▸ **Provided records**
• • • • •
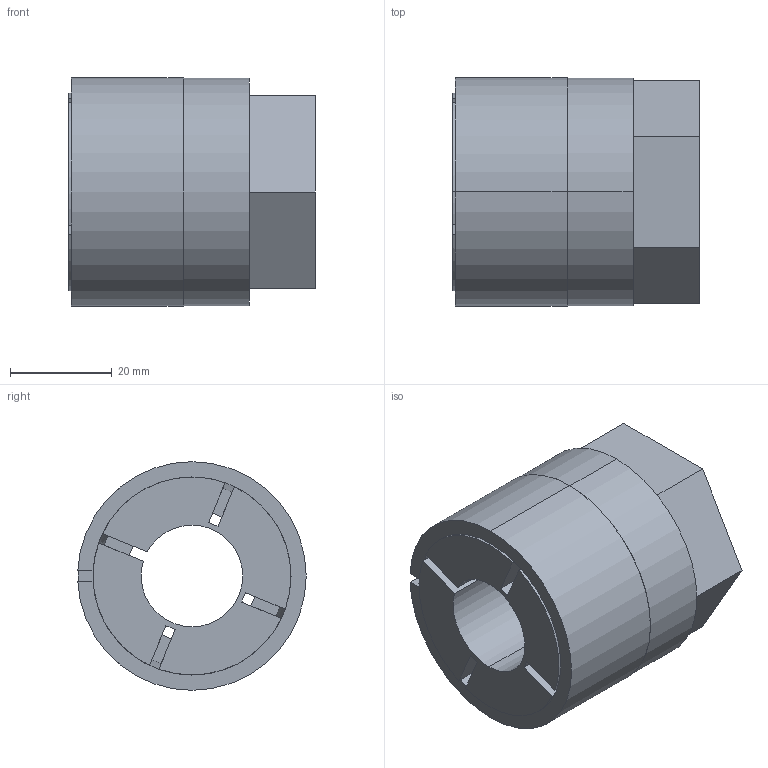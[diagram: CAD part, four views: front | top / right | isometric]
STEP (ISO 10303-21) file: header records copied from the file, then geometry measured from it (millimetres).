
FILE_DESCRIPTION (( 'STEP AP203' ), '1' );
FILE_NAME ('KBS 56 - 20 x 45.STEP', '2015-07-07T20:21:25', ( '' ), ( '' ), 'SwSTEP 2.0', 'SolidWorks 2010', '' );
FILE_SCHEMA (( 'CONFIG_CONTROL_DESIGN' ));
Length unit declared in the file: millimetre
Products named in the file (1): KBS 56 - 20 x 45
Bounding box: 48.5 x 44.98 x 45 mm (x, y, z)
Volume: 54756.4 mm3; surface area: 25445 mm2
Topology: 3 solids, 3 shells, 53 faces, 138 edges, 92 vertices
Faces by surface type: plane 30, cylinder 15, cone 8
Entity records: 1731 total; most frequent: CARTESIAN_POINT 320, DIRECTION 282, ORIENTED_EDGE 276, EDGE_CURVE 138, AXIS2_PLACEMENT_3D 100, VERTEX_POINT 92, LINE 82, VECTOR 82
• • • • •
Output all the records above again exactly, with the pictures dropped.

[diagram: CAD part, four views: front | top / right | isometric]
STEP (ISO 10303-21) file: header records copied from the file, then geometry measured from it (millimetres).
FILE_DESCRIPTION (( 'STEP AP203' ), '1' );
FILE_NAME ('KBS 56 - 20 x 45.STEP', '2015-07-07T20:21:25', ( '' ), ( '' ), 'SwSTEP 2.0', 'SolidWorks 2010', '' );
FILE_SCHEMA (( 'CONFIG_CONTROL_DESIGN' ));
Length unit declared in the file: millimetre
Products named in the file (1): KBS 56 - 20 x 45
Bounding box: 48.5 x 44.98 x 45 mm (x, y, z)
Volume: 54756.4 mm3; surface area: 25445 mm2
Topology: 3 solids, 3 shells, 53 faces, 138 edges, 92 vertices
Faces by surface type: plane 30, cylinder 15, cone 8
Entity records: 1731 total; most frequent: CARTESIAN_POINT 320, DIRECTION 282, ORIENTED_EDGE 276, EDGE_CURVE 138, AXIS2_PLACEMENT_3D 100, VERTEX_POINT 92, LINE 82, VECTOR 82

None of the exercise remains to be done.